# Aubiose v Easibed



## nijinsky (29 September 2005)

Has anyone used Aubiose, I always use Easibed which "does exactly what is says on the tin" in that it is real easy.  Was thinking of trying Aubiose, downside is it is about £1.20 a bale dearer than Easibed &amp; am a bit concerned I won't find it as easy to do.  It's supposed to be more absorbant than Easibed. I will be working on a deep litter basis, skipping out poo daily. I've left Easibed once before &amp; tried shavings - horrendous, went back to Easibed.


----------



## ihatework (29 September 2005)

If you like easibed then why change???

A girl at my yard put down an aubiose bed and 2 days later took it out!!! What a waste of money  
	
	
		
		
	


	





I use equisorb and really like it, £6 a bale, but have never used aubiose or easibed so can't compare I'm afraid.


----------



## nijinsky (29 September 2005)

Yes, maybe I shouldn't change, I suppose I feel that I should try everything rather than stick to the same all the time, but have to say have never had any problems with Easibed.  Just wondered what other peoples views were.


----------



## Jess.B (29 September 2005)

There have been a few posts on various beddings.  If you do a search you'll find them


----------



## Irishcobs (29 September 2005)

I use easibed at home. Horses at work are on straw and we used to use shavings and straw when I was at college. I got the college to change to easibed, much easier than shavings. 
At work some times we put Aubiose where the horse pee a lot to helps soak it up but I've never mucked it out.

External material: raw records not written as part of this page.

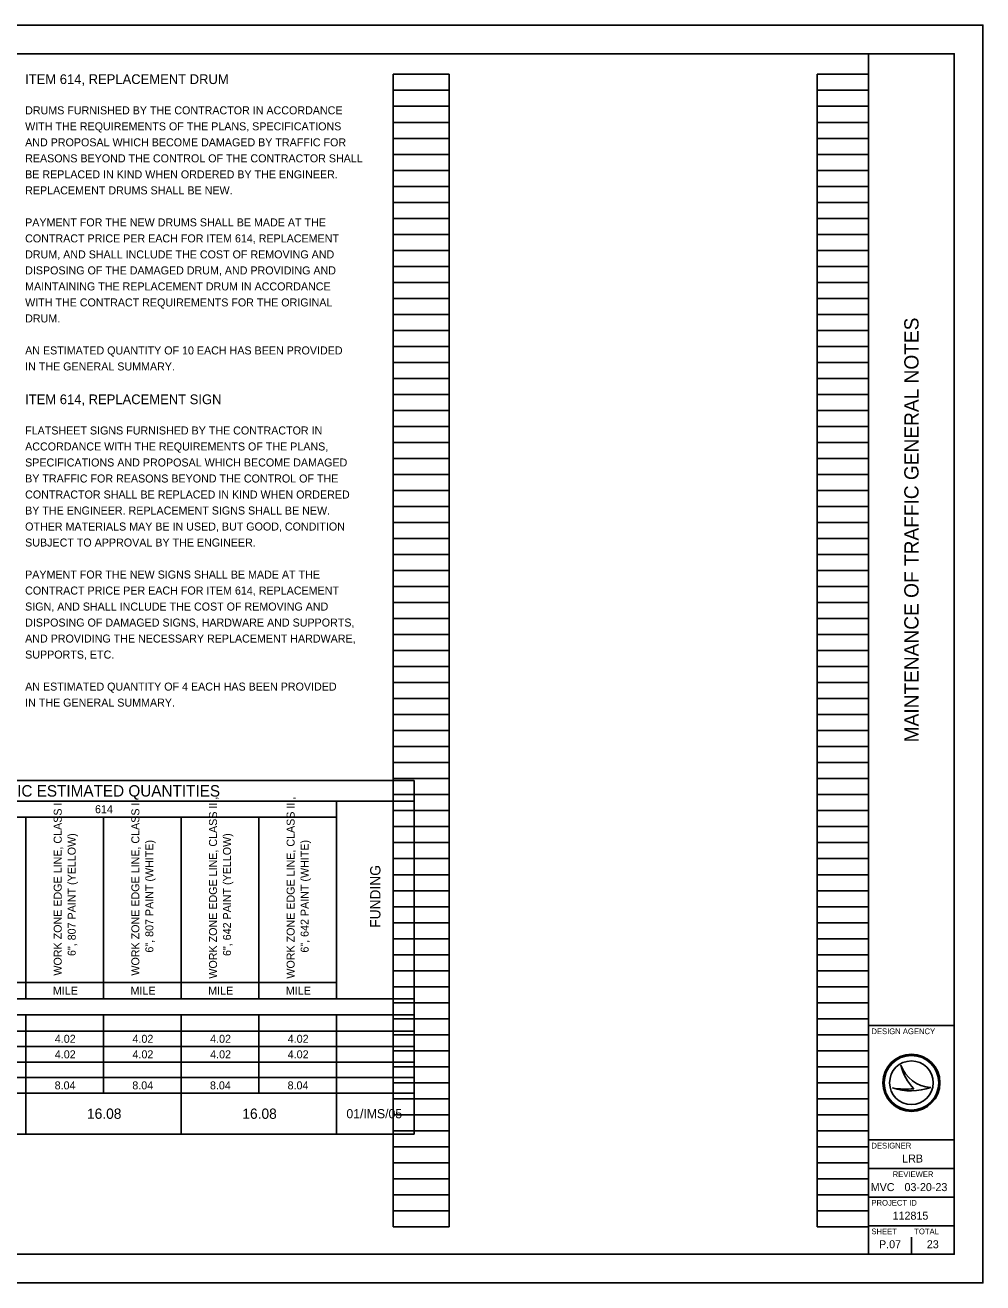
# Model space of a CAD drawing. Extents: x 0 to 154, y -283 to 22.
# Drawn here: x 17.24 to 34, y 0 to 22 of the extents above; entities that cross this region are included whole.
import ezdxf

# ---------------------------------------------------------------- set-up
doc = ezdxf.new("R2010")
doc.units = 0
for name, color, linetype in [('SH_Border', 7, 'Continuous'), ('SH_Cut_Line', 7, 'Continuous'), ('SH_Data', 7, 'Continuous'), ('SH_Text', 7, 'Continuous')]:
    doc.layers.add(name, color=color, linetype=linetype)

msp = doc.modelspace()

# ---------------------------------------------------------------- linework, layer by layer
at = {"layer": 'SH_Border'}
for p, q in [((32, 0.5), (32, 21.5)), ((32, 4.5), (33.5, 4.5)), ((32, 2.5), (33.5, 2.5)), ((32, 2), (33.5, 2)), ((32, 1.5), (33.5, 1.5)), ((32, 1), (33.5, 1))]:
    msp.add_line(p, q, dxfattribs=at)
msp.add_lwpolyline([(1.5, 21.5), (33.5, 21.5), (33.5, 0.5), (1.5, 0.5)], close=True, dxfattribs=at)
at = {"layer": 'SH_Cut_Line'}
msp.add_lwpolyline([(0, 0), (34, 0), (34, 22), (0, 22)], close=True, dxfattribs=at)
at = {"layer": 'SH_Data'}
for p, q in [((23.68, 0.98), (23.68, 21.14)), ((23.68, 21.14), (24.66, 21.14)), ((24.66, 0.98), (24.66, 21.14)), ((31.1, 0.98), (31.1, 21.14)), ((31.1, 21.14), (32, 21.14)), ((32, 0.98), (32, 21.14)), ((23.68, 20.86), (24.66, 20.86)), ((31.1, 20.86), (32, 20.86)), ((23.68, 20.58), (24.66, 20.58)), ((31.1, 20.58), (32, 20.58)), ((23.68, 20.3), (24.66, 20.3)), ((31.1, 20.3), (32, 20.3)), ((23.68, 20.02), (24.66, 20.02)), ((31.1, 20.02), (32, 20.02)), ((23.68, 19.74), (24.66, 19.74)), ((31.1, 19.74), (32, 19.74)), ((23.68, 19.46), (24.66, 19.46)), ((31.1, 19.46), (32, 19.46)), ((23.68, 19.18), (24.66, 19.18)), ((31.1, 19.18), (32, 19.18)), ((23.68, 18.9), (24.66, 18.9)), ((31.1, 18.9), (32, 18.9)), ((23.68, 18.62), (24.66, 18.62)), ((31.1, 18.62), (32, 18.62)), ((23.68, 18.34), (24.66, 18.34)), ((31.1, 18.34), (32, 18.34)), ((23.68, 18.06), (24.66, 18.06)), ((31.1, 18.06), (32, 18.06)), ((23.68, 17.78), (24.66, 17.78)), ((31.1, 17.78), (32, 17.78)), ((23.68, 17.5), (24.66, 17.5)), ((31.1, 17.5), (32, 17.5)), ((23.68, 17.22), (24.66, 17.22)), ((31.1, 17.22), (32, 17.22)), ((23.68, 16.94), (24.66, 16.94)), ((31.1, 16.94), (32, 16.94)), ((23.68, 16.66), (24.66, 16.66)), ((31.1, 16.66), (32, 16.66)), ((23.68, 16.38), (24.66, 16.38)), ((31.1, 16.38), (32, 16.38)), ((23.68, 16.1), (24.66, 16.1)), ((31.1, 16.1), (32, 16.1)), ((23.68, 15.82), (24.66, 15.82)), ((31.1, 15.82), (32, 15.82)), ((23.68, 15.54), (24.66, 15.54)), ((31.1, 15.54), (32, 15.54)), ((23.68, 15.26), (24.66, 15.26)), ((31.1, 15.26), (32, 15.26)), ((23.68, 14.98), (24.66, 14.98)), ((31.1, 14.98), (32, 14.98)), ((23.68, 14.7), (24.66, 14.7)), ((31.1, 14.7), (32, 14.7)), ((23.68, 14.42), (24.66, 14.42)), ((31.1, 14.42), (32, 14.42)), ((23.68, 14.14), (24.66, 14.14)), ((31.1, 14.14), (32, 14.14)), ((23.68, 13.86), (24.66, 13.86)), ((31.1, 13.86), (32, 13.86)), ((23.68, 13.58), (24.66, 13.58)), ((31.1, 13.58), (32, 13.58)), ((23.68, 13.3), (24.66, 13.3)), ((31.1, 13.3), (32, 13.3)), ((23.68, 13.02), (24.66, 13.02)), ((31.1, 13.02), (32, 13.02)), ((23.68, 12.74), (24.66, 12.74)), ((31.1, 12.74), (32, 12.74)), ((23.68, 12.46), (24.66, 12.46)), ((31.1, 12.46), (32, 12.46)), ((23.68, 12.18), (24.66, 12.18)), ((31.1, 12.18), (32, 12.18)), ((23.68, 11.9), (24.66, 11.9)), ((31.1, 11.9), (32, 11.9)), ((23.68, 11.62), (24.66, 11.62)), ((31.1, 11.62), (32, 11.62)), ((23.68, 11.34), (24.66, 11.34)), ((31.1, 11.34), (32, 11.34)), ((23.68, 11.06), (24.66, 11.06)), ((31.1, 11.06), (32, 11.06)), ((23.68, 10.78), (24.66, 10.78)), ((31.1, 10.78), (32, 10.78)), ((23.68, 10.5), (24.66, 10.5)), ((31.1, 10.5), (32, 10.5)), ((23.68, 10.22), (24.66, 10.22)), ((31.1, 10.22), (32, 10.22)), ((23.68, 9.94), (24.66, 9.94)), ((31.1, 9.94), (32, 9.94)), ((23.68, 9.66), (24.66, 9.66)), ((31.1, 9.66), (32, 9.66)), ((23.68, 9.38), (24.66, 9.38)), ((31.1, 9.38), (32, 9.38)), ((23.68, 9.1), (24.66, 9.1)), ((31.1, 9.1), (32, 9.1)), ((23.68, 8.82), (24.66, 8.82)), ((31.1, 8.82), (32, 8.82)), ((23.68, 8.54), (24.66, 8.54)), ((31.1, 8.54), (32, 8.54)), ((23.68, 8.26), (24.66, 8.26)), ((31.1, 8.26), (32, 8.26)), ((23.68, 7.98), (24.66, 7.98)), ((31.1, 7.98), (32, 7.98)), ((23.68, 7.7), (24.66, 7.7)), ((31.1, 7.7), (32, 7.7)), ((23.68, 7.42), (24.66, 7.42)), ((31.1, 7.42), (32, 7.42)), ((23.68, 7.14), (24.66, 7.14)), ((31.1, 7.14), (32, 7.14)), ((23.68, 6.86), (24.66, 6.86)), ((31.1, 6.86), (32, 6.86)), ((23.68, 6.58), (24.66, 6.58)), ((31.1, 6.58), (32, 6.58)), ((23.68, 6.3), (24.66, 6.3)), ((31.1, 6.3), (32, 6.3)), ((23.68, 6.02), (24.66, 6.02)), ((31.1, 6.02), (32, 6.02)), ((23.68, 5.74), (24.66, 5.74)), ((31.1, 5.74), (32, 5.74)), ((23.68, 5.46), (24.66, 5.46)), ((31.1, 5.46), (32, 5.46)), ((23.68, 5.18), (24.66, 5.18)), ((31.1, 5.18), (32, 5.18)), ((23.68, 4.9), (24.66, 4.9)), ((31.1, 4.9), (32, 4.9)), ((23.68, 4.62), (24.66, 4.62)), ((31.1, 4.62), (32, 4.62)), ((23.68, 4.34), (24.66, 4.34)), ((31.1, 4.34), (32, 4.34)), ((23.68, 4.06), (24.66, 4.06)), ((31.1, 4.06), (32, 4.06)), ((23.68, 3.78), (24.66, 3.78)), ((31.1, 3.78), (32, 3.78)), ((32.567, 3.81), (32.567, 3.81)), ((23.68, 3.5), (24.66, 3.5)), ((31.1, 3.5), (32, 3.5)), ((32.417, 3.41), (32.417, 3.41)), ((32.75, 3.5), (32.75, 3.5)), ((33.087, 3.419), (33.087, 3.419)), ((23.68, 3.22), (24.66, 3.22)), ((31.1, 3.22), (32, 3.22)), ((23.68, 2.94), (24.66, 2.94)), ((31.1, 2.94), (32, 2.94)), ((23.68, 2.66), (24.66, 2.66)), ((31.1, 2.66), (32, 2.66)), ((23.68, 2.38), (24.66, 2.38)), ((31.1, 2.38), (32, 2.38)), ((23.68, 2.1), (24.66, 2.1)), ((31.1, 2.1), (32, 2.1)), ((23.68, 1.82), (24.66, 1.82)), ((31.1, 1.82), (32, 1.82)), ((23.68, 1.54), (24.66, 1.54)), ((31.1, 1.54), (32, 1.54)), ((23.68, 1.26), (24.66, 1.26)), ((31.1, 1.26), (32, 1.26)), ((23.68, 0.98), (24.66, 0.98)), ((31.1, 0.98), (32, 0.98)), ((32.375, 0.675), (32.375, 0.675)), ((32.75, 0.5), (32.75, 0.8))]:
    msp.add_line(p, q, dxfattribs=at)
for radius in [0.5, 0.477, 0.477, 0.382]:
    msp.add_circle((32.75, 3.5), radius, dxfattribs=at)
for centre, radius, start, end in [((33.116, 3.998), 0.58, 198.9257, 198.9319), ((33.347, 3.97), 0.796, 191.6379, 191.6421), ((33.116, 3.998), 0.58, 198.9319, 267.1657), ((33.347, 3.97), 0.796, 191.6421, 226.0947), ((32.739, 4.37), 1.013, 251.4576, 290.0832), ((32.648, 4.654), 1.266, 259.4964, 259.4995), ((32.739, 4.37), 1.013, 251.4527, 251.4576), ((32.648, 4.654), 1.266, 259.4995, 276.6672)]:
    msp.add_arc(centre, radius, start, end, dxfattribs=at)
at = {"layer": 'SH_Text'}
for p, q in [((9.59, 8.785), (24.047, 8.785)), ((24.047, 8.785), (24.047, 2.601)), ((9.59, 8.427), (24.047, 8.427)), ((22.688, 8.427), (22.688, 4.97)), ((14.536, 8.144), (22.688, 8.144)), ((17.253, 8.144), (17.253, 4.97)), ((18.612, 8.144), (18.612, 4.97)), ((19.971, 8.144), (19.971, 4.97)), ((21.33, 8.144), (21.33, 4.97)), ((14.536, 5.253), (22.688, 5.253)), ((9.59, 4.97), (24.047, 4.97)), ((9.59, 4.688), (24.047, 4.688)), ((17.253, 4.688), (17.253, 2.601)), ((18.612, 4.688), (18.612, 3.318)), ((19.971, 4.688), (19.971, 2.601)), ((21.33, 4.688), (21.33, 3.318)), ((22.688, 4.688), (22.688, 2.601)), ((9.59, 4.405), (24.047, 4.405)), ((9.59, 4.133), (24.047, 4.133)), ((9.59, 3.861), (24.047, 3.861)), ((9.59, 3.59), (24.047, 3.59)), ((9.59, 3.318), (24.047, 3.318)), ((9.59, 2.601), (24.047, 2.601))]:
    msp.add_line(p, q, dxfattribs=at)

# ---------------------------------------------------------------- texts
at = {"layer": 'SH_Data'}
msp.add_text('MAINTENANCE OF TRAFFIC GENERAL NOTES', height=0.25, rotation=90, dxfattribs=at).set_placement((32.875, 9.455))
for s, height, p in [('DESIGN AGENCY', 0.1, (32.05, 4.35)), ('DESIGNER', 0.1, (32.05, 2.35)), ('LRB', 0.14, (32.589, 2.105)), ('REVIEWER', 0.1, (32.422, 1.85)), ('MVC', 0.14, (32.038, 1.605)), ('03-20-23', 0.14, (32.629, 1.605)), ('PROJECT ID', 0.1, (32.05, 1.35)), ('112815', 0.14, (32.421, 1.105)), ('SHEET', 0.1, (32.05, 0.85)), ('TOTAL', 0.1, (32.8, 0.85)), ('P.07', 0.14, (32.183, 0.605)), ('23', 0.14, (33.02, 0.605))]:
    msp.add_text(s, height=height, dxfattribs=at).set_placement(p)
at = {"layer": 'SH_Text'}
for s, height, p in [('ITEM 614, REPLACEMENT DRUM', 0.17, (17.24, 20.97)), ('DRUMS FURNISHED BY THE CONTRACTOR IN ACCORDANCE', 0.14, (17.24, 20.44)), ('WITH THE REQUIREMENTS OF THE PLANS, SPECIFICATIONS', 0.14, (17.24, 20.16)), ('AND PROPOSAL WHICH BECOME DAMAGED BY TRAFFIC FOR', 0.14, (17.24, 19.88)), ('REASONS BEYOND THE CONTROL OF THE CONTRACTOR SHALL', 0.14, (17.24, 19.6)), ('BE REPLACED IN KIND WHEN ORDERED BY THE ENGINEER.', 0.14, (17.24, 19.32)), ('REPLACEMENT DRUMS SHALL BE NEW.', 0.14, (17.24, 19.04)), ('PAYMENT FOR THE NEW DRUMS SHALL BE MADE AT THE', 0.14, (17.24, 18.48)), ('CONTRACT PRICE PER EACH FOR ITEM 614, REPLACEMENT', 0.14, (17.24, 18.2)), ('DRUM, AND SHALL INCLUDE THE COST OF REMOVING AND', 0.14, (17.24, 17.92)), ('DISPOSING OF THE DAMAGED DRUM, AND PROVIDING AND', 0.14, (17.24, 17.64)), ('MAINTAINING THE REPLACEMENT DRUM IN ACCORDANCE', 0.14, (17.24, 17.36)), ('WITH THE CONTRACT REQUIREMENTS FOR THE ORIGINAL', 0.14, (17.24, 17.08)), ('DRUM.', 0.14, (17.24, 16.8)), ('AN ESTIMATED QUANTITY OF 10 EACH HAS BEEN PROVIDED', 0.14, (17.24, 16.24)), ('IN THE GENERAL SUMMARY.', 0.14, (17.24, 15.96)), ('ITEM 614, REPLACEMENT SIGN', 0.17, (17.24, 15.37)), ('FLATSHEET SIGNS FURNISHED BY THE CONTRACTOR IN', 0.14, (17.24, 14.84)), ('ACCORDANCE WITH THE REQUIREMENTS OF THE PLANS,', 0.14, (17.24, 14.56)), ('SPECIFICATIONS AND PROPOSAL WHICH BECOME DAMAGED', 0.14, (17.24, 14.28)), ('BY TRAFFIC FOR REASONS BEYOND THE CONTROL OF THE', 0.14, (17.24, 14)), ('CONTRACTOR SHALL BE REPLACED IN KIND WHEN ORDERED', 0.14, (17.24, 13.72)), ('BY THE ENGINEER. REPLACEMENT SIGNS SHALL BE NEW.', 0.14, (17.24, 13.44)), ('OTHER MATERIALS MAY BE IN USED, BUT GOOD, CONDITION', 0.14, (17.24, 13.16)), ('SUBJECT TO APPROVAL BY THE ENGINEER.', 0.14, (17.24, 12.88)), ('PAYMENT FOR THE NEW SIGNS SHALL BE MADE AT THE', 0.14, (17.24, 12.32)), ('CONTRACT PRICE PER EACH FOR ITEM 614, REPLACEMENT', 0.14, (17.24, 12.04)), ('SIGN, AND SHALL INCLUDE THE COST OF REMOVING AND', 0.14, (17.24, 11.76)), ('DISPOSING OF DAMAGED SIGNS, HARDWARE AND SUPPORTS,', 0.14, (17.24, 11.48)), ('AND PROVIDING THE NECESSARY REPLACEMENT HARDWARE,', 0.14, (17.24, 11.2)), ('SUPPORTS, ETC.', 0.14, (17.24, 10.92)), ('AN ESTIMATED QUANTITY OF 4 EACH HAS BEEN PROVIDED', 0.14, (17.24, 10.36)), ('IN THE GENERAL SUMMARY.', 0.14, (17.24, 10.08)), ('MAINTENANCE OF TRAFFIC ESTIMATED QUANTITIES', 0.2, (13.772, 8.506)), ('614', 0.14, (18.463, 8.215)), ('MILE', 0.14, (17.726, 5.041)), ('MILE', 0.14, (19.085, 5.041)), ('MILE', 0.14, (20.444, 5.041)), ('MILE', 0.14, (21.803, 5.041)), ('4.02', 0.14, (17.76, 4.199)), ('4.02', 0.14, (19.119, 4.199)), ('4.02', 0.14, (20.478, 4.199)), ('4.02', 0.14, (21.836, 4.199)), ('4.02', 0.14, (17.76, 3.927)), ('4.02', 0.14, (19.119, 3.927)), ('4.02', 0.14, (20.478, 3.927)), ('4.02', 0.14, (21.836, 3.927)), ('8.04', 0.14, (17.757, 3.384)), ('8.04', 0.14, (19.116, 3.384)), ('8.04', 0.14, (20.475, 3.384)), ('8.04', 0.14, (21.833, 3.384)), ('16.08', 0.18, (18.323, 2.869)), ('16.08', 0.18, (21.041, 2.869)), ('01/IMS/05', 0.16, (22.862, 2.879))]:
    msp.add_text(s, height=height, dxfattribs=at).set_placement(p)
for s, height, p in [('WORK ZONE EDGE LINE, CLASS I, ', 0.14, (17.88, 5.374)), ('WORK ZONE EDGE LINE, CLASS I, ', 0.14, (19.239, 5.374)), ('WORK ZONE EDGE LINE, CLASS III, ', 0.14, (20.598, 5.321)), ('WORK ZONE EDGE LINE, CLASS III, ', 0.14, (21.956, 5.321)), ('6", 807 PAINT (YELLOW)', 0.14, (18.125, 5.717)), ('6", 807 PAINT (WHITE)', 0.14, (19.484, 5.777)), ('6", 642 PAINT (YELLOW)', 0.14, (20.843, 5.717)), ('6", 642 PAINT (WHITE)', 0.14, (22.201, 5.777)), ('FUNDING', 0.18, (23.458, 6.211))]:
    msp.add_text(s, height=height, rotation=90, dxfattribs=at).set_placement(p)

doc.saveas('drawing.dxf')

Sorry I'm not really helping am I.


----------



## sillygillyhorse (29 September 2005)

I've used both and would say Easibed everytime.  I hated the aubiose but then I dont like deep litter.  I could not stand just picking the poo/wet out and seeing what to me looked like a dirty bed.  Ended up mucking out properly everyday and cost me a fortune.


----------



## bert22monty (29 September 2005)

I've only eva used Aubious so i wouldn't know the difference, soz! We've neva had a prob with it though!


----------



## Nuttymanxmare (29 September 2005)

Damm Damm Damm. 

Ive just put down a bed of six big packs of normal dust extracted shavings! I didnt realise Easibed was soo good!

Oh well next time I do a full muck I'll have to use that instead.


----------



## vky (18 October 2006)

Hello could you tell me how much easibed is a bale? <span style="colorurple">  </span>


----------



## mrdarcy (18 October 2006)

I've just been quoted £6.90 a bale not including delivery.


----------



## johnsongreyhorse (18 October 2006)

Easibed is £6 near me - pick up


----------



## Hornby (18 October 2006)

Do you deep litter easibed (don't think I can bear that) or normal ie proper muck out each day?


----------



## johnsongreyhorse (18 October 2006)

I have one that has a full bed that has poo removed daily and wet removed once/twice a week depending on how much they are in during winter, and the other is on rubber matting with just a toilet area that is removed everyday (much easier).


----------



## sporty_bint (10 December 2006)

We've just bought some at 4.49 a bale for easibed with a 2 pound delivery charge


----------



## Law (10 December 2006)

I use easibed and i wouldn't change it.  Managed to convice 4 on the yard to use it and now we bulk buy and save lots!


----------



## samsaccount (10 December 2006)

I have worked with beds which were a mix of shavings and easibed, base of easibed and every day topped with shavings but occasisonly more easibed and the bed were fantastic! does anyone know how much easibed costs (roughly) per bale and bulk as i am brining my pony in this winter and he will be on shavings but would love to have some easibed included if they arent so expensive so could someone let me know a rough price thanks


----------



## penny_swc (16 March 2007)

The new easibed website gives a guide price, however it depends on where you buy it from. 

http://www.easibed4animals.com/stockists.htm


----------



## TURBOBERT (16 March 2007)

Have you checked the price of Hemcore.  Very similar to Auboise but made in England not France and certainly in the autumn of last year was about £1 cheaper.  I have had it this winter for the first time and it is fab.  Lots of absorption - easy to muck out not dusty and very little odour.


----------



## penny_swc (16 March 2008)

The web address has changed: 
http://www.easibed.co.uk/stockists.php 

You can follow this link to find your nearest supplier


----------



## brightmount (16 March 2008)

I used easibed all last winter and the beginning of this winter on a semi-deep litter system, skipping out daily, and once a week removing the dry top layer and digging out the wet base, then replacing the dry and topping up. I liked it and didn't see any reason to change.

However an Aubiose rep was at an open day at my animal feed merchant and they had a special offer on Aubiose so I bought 6 bales to try.

I haven't gone back to easibed as I love Aubiose. It locks the wet away at the base much more effectively and it is lighter to handle. I use one bale a week, with easibed I was often having to use 2, so Aubiose works out cheaper and where I buy mine it is only slightly more expensive per bale.


----------